14 feridos durante protestos contra o assassinato de Khamenei na Caxemira Notícias da Índia

Srinagar: Pelo menos 14 pessoas, incluindo seis agentes de segurança, ficaram feridas no segundo dia de protestos que eclodiram em Jammu e Caxemira após o assassinato do líder supremo do Irão, aiatolá Ali Khamenei, num ataque conjunto EUA-Israel, disseram autoridades.

Uma mulher muçulmana xiita ferida é levada ao hospital durante um protesto contra o assassinato do líder supremo do Irã, aiatolá Ali Khamenei, em Srinagar, Caxemira controlada pela Índia, segunda-feira, 2 de março de 2026. (AP Photo / Mukhtar Khan) (AP)

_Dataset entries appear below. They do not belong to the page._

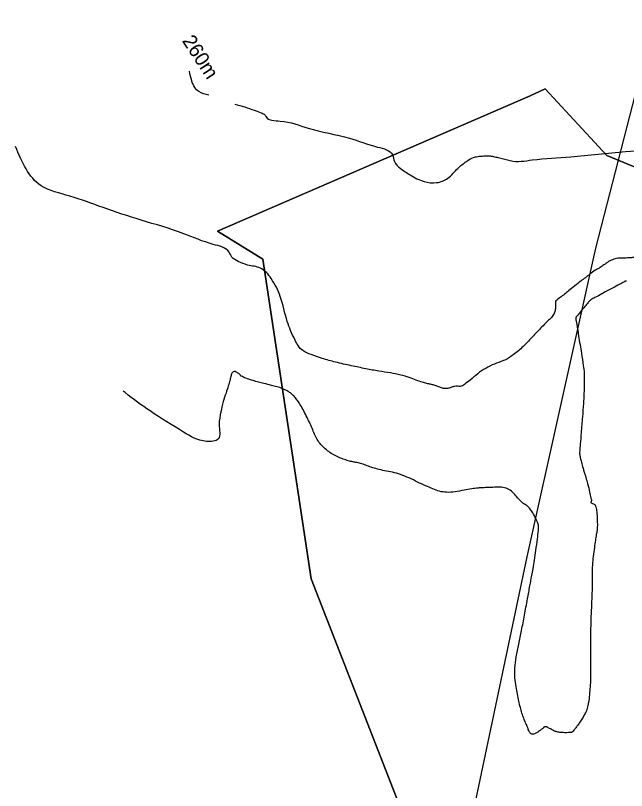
# Model space of a CAD drawing. Extents: x -478495 to -472450, y -1118050 to -1113745.
# Drawn here: x -475265.5 to -475188, y -1116412.5 to -1116314.2 of the extents above; entities that cross this region are included whole.
import ezdxf

# ---------------------------------------------------------------- set-up
doc = ezdxf.new("R2010")
doc.units = 0
for name, color, linetype in [('el vedeni_NN', 7, 'Continuous'), ('ObPÚ', 7, 'Continuous'), ('Vrstevnice_hlavni', 7, 'Continuous'), ('Vrstevnice_popis', 7, 'Continuous'), ('Vrstevnice_vedlejsi', 7, 'Continuous')]:
    doc.layers.add(name, color=color, linetype=linetype)

msp = doc.modelspace()

# ---------------------------------------------------------------- linework, layer by layer
at = {"layer": 'el vedeni_NN'}
msp.add_lwpolyline([(-475215.653, -1116453.785), (-475209.515, -1116425.189), (-475200.612, -1116382.866), (-475191.904, -1116343.75), (-475181.881, -1116304.784)], dxfattribs=at)
at = {"layer": 'ObPÚ'}
for p, q in [((-475239.871, -1116341.562), (-475200.24, -1116324.431)), ((-475200.24, -1116324.431), (-475239.871, -1116341.562)), ((-475200.24, -1116324.431), (-475198.322, -1116323.536)), ((-475198.322, -1116323.536), (-475200.24, -1116324.431)), ((-475198.322, -1116323.536), (-475190.524, -1116331.974)), ((-475190.524, -1116331.974), (-475198.322, -1116323.536)), ((-475190.524, -1116331.974), (-475181.958, -1116335.553)), ((-475181.958, -1116335.553), (-475190.524, -1116331.974)), ((-475234.118, -1116345.141), (-475239.871, -1116341.562)), ((-475239.871, -1116341.562), (-475234.118, -1116345.141)), ((-475227.981, -1116385.667), (-475234.118, -1116345.141)), ((-475234.118, -1116345.141), (-475227.981, -1116385.667)), ((-475215.325, -1116418.139), (-475227.981, -1116385.667)), ((-475227.981, -1116385.667), (-475215.325, -1116418.139))]:
    msp.add_line(p, q, dxfattribs=at)
at = {"layer": 'Vrstevnice_hlavni'}
for points in [[(-475240.975, -1116324.335), (-475242.24, -1116323.875), (-475242.75, -1116323.343), (-475243.137, -1116322.506), (-475243.415, -1116321.305)], [(-475237.687, -1116325.457), (-475235.201, -1116326.249), (-475234.334, -1116326.581), (-475233.844, -1116326.849), (-475233.73, -1116327.052), (-475231.91, -1116327.609), (-475228.384, -1116328.517), (-475223.153, -1116329.779), (-475219.586, -1116330.906), (-475217.681, -1116331.898), (-475217.44, -1116332.755), (-475216.694, -1116333.605), (-475215.441, -1116334.448), (-475213.683, -1116335.283), (-475212.092, -1116335.422), (-475210.667, -1116334.864), (-475209.409, -1116333.609), (-475208.319, -1116332.727), (-475207.397, -1116332.218), (-475206.642, -1116332.081), (-475205.948, -1116332.022), (-475205.314, -1116332.042), (-475204.739, -1116332.139), (-475204.122, -1116332.27), (-475203.462, -1116332.435), (-475202.76, -1116332.635), (-475199.972, -1116332.541), (-475195.097, -1116332.152), (-475188.137, -1116331.469), (-475183.035, -1116331.113), (-475179.791, -1116331.083), (-475178.406, -1116331.38), (-475177.36, -1116331.658), (-475176.654, -1116331.916), (-475176.288, -1116332.154), (-475175.662, -1116332.174), (-475174.776, -1116331.975), (-475173.631, -1116331.557), (-475172.686, -1116331.362), (-475171.941, -1116331.391), (-475171.397, -1116331.643), (-475170.862, -1116332.357), (-475170.337, -1116333.533), (-475169.822, -1116335.172), (-475169.381, -1116336.301), (-475169.015, -1116336.92), (-475168.725, -1116337.029), (-475167.953, -1116337.013), (-475166.701, -1116336.871), (-475164.969, -1116336.603), (-475163.238, -1116336.553), (-475161.509, -1116336.722), (-475159.783, -1116337.108), (-475158.522, -1116337.413), (-475157.729, -1116337.635), (-475157.401, -1116337.776), (-475157.09, -1116337.883), (-475156.795, -1116337.957), (-475156.517, -1116337.998), (-475155.978, -1116338.488), (-475155.178, -1116339.429), (-475154.117, -1116340.82), (-475152.888, -1116341.664), (-475151.489, -1116341.961), (-475149.92, -1116341.711), (-475148.805, -1116341.537), (-475148.141, -1116341.439), (-475147.93, -1116341.416), (-475147.518, -1116341.551), (-475146.905, -1116341.845), (-475146.091, -1116342.298), (-475145.239, -1116342.772), (-475144.347, -1116343.269), (-475143.416, -1116343.787), (-475142.747, -1116344.148), (-475142.34, -1116344.352), (-475142.195, -1116344.4), (-475141.824, -1116344.514), (-475141.227, -1116344.693), (-475140.403, -1116344.939), (-475139.648, -1116345.093), (-475138.96, -1116345.154), (-475138.341, -1116345.124), (-475137.645, -1116345.157), (-475136.873, -1116345.252), (-475136.023, -1116345.411), (-475135.095, -1116345.637), (-475134.087, -1116345.929), (-475132.999, -1116346.289), (-475132.178, -1116346.581), (-475131.622, -1116346.805), (-475131.332, -1116346.962), (-475131.076, -1116347.169), (-475130.854, -1116347.427), (-475130.666, -1116347.736), (-475129.952, -1116348.756), (-475128.712, -1116350.487)]]:
    msp.add_spline(points, degree=3, dxfattribs=at)
at = {"layer": 'Vrstevnice_vedlejsi'}
for points in [[(-475158.731, -1116348.111), (-475159.722, -1116347.73), (-475160.912, -1116347.451), (-475162.3, -1116347.275), (-475163.886, -1116347.201), (-475165.382, -1116347.074), (-475166.785, -1116346.895), (-475168.098, -1116346.663), (-475169.415, -1116346.436), (-475170.735, -1116346.214), (-475172.06, -1116345.996), (-475173.309, -1116345.754), (-475174.481, -1116345.488), (-475175.577, -1116345.197), (-475176.528, -1116344.968), (-475177.333, -1116344.801), (-475177.993, -1116344.696), (-475178.759, -1116344.641), (-475179.63, -1116344.636), (-475180.606, -1116344.682), (-475181.738, -1116344.715), (-475183.026, -1116344.736), (-475184.47, -1116344.745), (-475185.607, -1116344.776), (-475186.437, -1116344.827), (-475186.96, -1116344.9), (-475187.554, -1116344.953), (-475188.219, -1116344.986), (-475188.954, -1116344.999), (-475189.644, -1116345.147), (-475190.288, -1116345.431), (-475190.886, -1116345.85), (-475191.368, -1116346.174), (-475191.735, -1116346.403), (-475191.986, -1116346.536), (-475192.676, -1116347.039), (-475193.804, -1116347.91), (-475195.37, -1116349.15), (-475196.425, -1116349.99), (-475196.969, -1116350.431), (-475197.002, -1116350.471), (-475197.026, -1116350.667), (-475197.041, -1116351.02), (-475197.047, -1116351.53), (-475197.212, -1116352.028), (-475197.537, -1116352.515), (-475198.022, -1116352.991), (-475198.781, -1116353.764), (-475199.814, -1116354.835), (-475201.12, -1116356.204), (-475202.383, -1116357.259), (-475203.601, -1116357.999), (-475204.774, -1116358.424), (-475205.87, -1116358.977), (-475206.887, -1116359.66), (-475207.826, -1116360.471), (-475208.565, -1116361.005), (-475209.105, -1116361.262), (-475209.445, -1116361.241), (-475209.807, -1116361.275), (-475210.191, -1116361.363), (-475210.596, -1116361.506), (-475211.022, -1116361.538), (-475211.468, -1116361.459), (-475211.935, -1116361.269), (-475212.4, -1116361.113), (-475212.862, -1116360.991), (-475213.322, -1116360.903), (-475213.925, -1116360.731), (-475214.671, -1116360.473), (-475215.56, -1116360.132), (-475216.647, -1116359.827), (-475217.932, -1116359.56), (-475219.414, -1116359.329), (-475221.073, -1116359.024), (-475222.906, -1116358.645), (-475224.916, -1116358.191), (-475226.611, -1116357.719), (-475227.992, -1116357.23), (-475229.059, -1116356.723), (-475230.069, -1116355.322), (-475231.023, -1116353.029), (-475231.919, -1116349.842), (-475233.058, -1116347.587), (-475234.439, -1116346.264), (-475236.062, -1116345.872), (-475237.26, -1116345.405), (-475238.033, -1116344.861), (-475238.381, -1116344.242), (-475240.418, -1116343.253), (-475244.143, -1116341.897), (-475249.556, -1116340.172), (-475254.377, -1116338.582), (-475258.605, -1116337.127), (-475262.24, -1116335.808), (-475265.477, -1116330.842)], [(-475188.022, -1116347.916), (-475188.118, -1116347.918), (-475188.207, -1116347.937), (-475188.291, -1116347.974), (-475188.368, -1116348.028), (-475188.867, -1116348.302), (-475189.787, -1116348.796), (-475191.128, -1116349.509), (-475192.049, -1116350.005), (-475192.55, -1116350.286), (-475192.631, -1116350.35), (-475192.879, -1116350.629), (-475193.293, -1116351.123), (-475193.874, -1116351.832), (-475194.261, -1116352.309), (-475194.455, -1116352.554), (-475194.455, -1116352.568), (-475194.455, -1116352.589), (-475194.453, -1116352.616), (-475194.451, -1116352.65), (-475194.331, -1116353.402), (-475194.093, -1116354.873), (-475193.737, -1116357.062), (-475193.497, -1116358.62), (-475193.374, -1116359.547), (-475193.367, -1116359.843), (-475193.372, -1116360.37), (-475193.389, -1116361.128), (-475193.417, -1116362.116), (-475193.49, -1116363.448), (-475193.608, -1116365.123), (-475193.772, -1116367.141), (-475193.887, -1116368.581), (-475193.953, -1116369.442), (-475193.97, -1116369.725), (-475193.915, -1116370.149), (-475193.789, -1116370.715), (-475193.592, -1116371.423), (-475193.46, -1116371.896), (-475193.394, -1116372.135), (-475193.393, -1116372.139), (-475193.375, -1116372.184), (-475193.34, -1116372.269), (-475193.288, -1116372.395), (-475193.163, -1116372.836), (-475192.966, -1116373.594), (-475192.696, -1116374.668), (-475192.535, -1116375.417), (-475192.484, -1116375.841), (-475192.542, -1116375.94), (-475192.497, -1116376.03), (-475192.351, -1116376.11), (-475192.102, -1116376.181), (-475191.916, -1116376.537), (-475191.791, -1116377.179), (-475191.729, -1116378.108), (-475191.717, -1116378.896), (-475191.757, -1116379.544), (-475191.847, -1116380.052), (-475191.959, -1116380.768), (-475192.094, -1116381.693), (-475192.252, -1116382.826), (-475192.352, -1116383.918), (-475192.394, -1116384.97), (-475192.379, -1116385.98), (-475192.394, -1116387.165), (-475192.438, -1116388.525), (-475192.511, -1116390.058), (-475192.559, -1116391.582), (-475192.582, -1116393.096), (-475192.579, -1116394.6), (-475192.576, -1116395.902), (-475192.573, -1116397.002), (-475192.569, -1116397.901), (-475192.601, -1116398.849), (-475192.669, -1116399.846), (-475192.774, -1116400.892), (-475192.918, -1116401.742), (-475193.101, -1116402.397), (-475193.325, -1116402.857), (-475193.6, -1116403.337), (-475193.927, -1116403.838), (-475194.305, -1116404.359), (-475194.59, -1116404.741), (-475194.781, -1116404.983), (-475194.879, -1116405.086), (-475195.149, -1116405.151), (-475195.592, -1116405.177), (-475196.208, -1116405.165), (-475196.732, -1116405.095), (-475197.166, -1116404.967), (-475197.509, -1116404.782), (-475197.765, -1116404.64), (-475197.936, -1116404.543), (-475198.021, -1116404.489), (-475198.122, -1116404.455), (-475198.237, -1116404.44)], [(-475236.858, -1116359.958), (-475237.06, -1116359.737), (-475237.278, -1116359.565), (-475237.512, -1116359.444), (-475237.762, -1116359.371), (-475237.974, -1116359.516), (-475238.149, -1116359.877), (-475238.285, -1116360.455), (-475238.498, -1116361.198), (-475238.789, -1116362.107), (-475239.157, -1116363.182), (-475239.445, -1116364.507), (-475239.652, -1116366.083), (-475239.779, -1116367.911), (-475241.284, -1116368.236), (-475244.166, -1116367.06), (-475248.426, -1116364.381), (-475251.559, -1116362.054), (-475251.817, -1116361.843)], [(-475198.237, -1116404.44), (-475198.369, -1116404.444), (-475198.465, -1116404.465), (-475198.525, -1116404.502), (-475198.551, -1116404.557), (-475198.698, -1116404.685), (-475198.967, -1116404.889), (-475199.358, -1116405.166), (-475199.676, -1116405.332), (-475199.92, -1116405.387), (-475200.091, -1116405.331), (-475200.239, -1116405.206), (-475200.365, -1116405.014), (-475200.47, -1116404.754), (-475200.62, -1116404.388), (-475200.815, -1116403.918), (-475201.056, -1116403.343), (-475201.277, -1116402.696), (-475201.478, -1116401.977), (-475201.659, -1116401.185), (-475201.833, -1116400.299), (-475202, -1116399.317), (-475202.161, -1116398.241), (-475202.159, -1116396.99), (-475201.994, -1116395.565), (-475201.667, -1116393.964), (-475201.321, -1116392.206), (-475200.957, -1116390.29), (-475200.574, -1116388.215), (-475200.266, -1116386.54), (-475200.032, -1116385.263), (-475199.872, -1116384.386), (-475199.697, -1116383.316), (-475199.508, -1116382.054), (-475199.304, -1116380.6), (-475199.196, -1116379.537), (-475199.184, -1116378.867), (-475199.268, -1116378.587), (-475199.428, -1116378.211), (-475199.666, -1116377.739), (-475199.98, -1116377.171), (-475200.314, -1116376.716), (-475200.669, -1116376.373), (-475201.045, -1116376.143), (-475201.47, -1116375.781), (-475201.943, -1116375.287), (-475202.466, -1116374.661), (-475203.109, -1116374.248), (-475203.873, -1116374.048), (-475204.757, -1116374.062), (-475205.547, -1116374.084), (-475206.243, -1116374.116), (-475206.845, -1116374.156), (-475207.632, -1116374.258), (-475208.603, -1116374.422), (-475209.76, -1116374.647), (-475210.807, -1116374.692), (-475211.745, -1116374.559), (-475212.573, -1116374.245), (-475213.49, -1116373.859), (-475214.496, -1116373.402), (-475215.59, -1116372.872), (-475216.653, -1116372.454), (-475217.687, -1116372.15), (-475218.691, -1116371.958), (-475219.591, -1116371.744), (-475220.388, -1116371.509), (-475221.082, -1116371.252), (-475221.724, -1116371.049), (-475222.316, -1116370.899), (-475222.856, -1116370.804), (-475223.449, -1116370.644), (-475224.095, -1116370.419), (-475224.793, -1116370.13), (-475225.45, -1116369.757), (-475226.068, -1116369.3), (-475226.644, -1116368.76), (-475227.125, -1116368.157), (-475227.509, -1116367.492), (-475227.796, -1116366.764), (-475228.129, -1116365.999), (-475228.509, -1116365.198), (-475228.934, -1116364.361), (-475229.337, -1116363.651), (-475229.719, -1116363.07), (-475230.079, -1116362.617), (-475230.45, -1116362.243), (-475230.83, -1116361.948), (-475231.221, -1116361.732), (-475231.601, -1116361.557), (-475231.97, -1116361.423), (-475232.328, -1116361.331), (-475233.007, -1116361.152), (-475234.009, -1116360.885), (-475235.333, -1116360.532), (-475236.282, -1116360.223), (-475236.858, -1116359.958)]]:
    msp.add_spline(points, degree=3, dxfattribs=at)

# ---------------------------------------------------------------- texts
at = {"layer": 'Vrstevnice_popis'}
msp.add_text(' 260m ', height=1.8, rotation=303.2134, dxfattribs=at).set_placement((-475244.785, -1116316.873))

doc.saveas('drawing.dxf')

As autoridades impuseram restrições à circulação de pessoas, fecharam instituições de ensino e reduziram a velocidade da Internet móvel em toda a União como medidas de precaução.

Segundo as autoridades, foram realizadas 75 manifestações em vários locais do vale da Caxemira e várias manifestações na região de Jammu. Em Srinagar, as autoridades isolaram Lal Chowk com barricadas um dia depois de protestos em massa contra o assassinato de Khamenei terem ocorrido no centro da cidade, disseram autoridades. Acrescentaram que o destacamento de forças de segurança aumentou em toda a região, com o destacamento adicional de pessoal policial e paramilitar em áreas sensíveis.

Em meio ao aumento das restrições, vários protestos eclodiram em partes do Vale, incluindo Bemina, Jehangir Chowk, Shalteng e Gund Hasibhat em Srinagar; Budgam; e Pattan.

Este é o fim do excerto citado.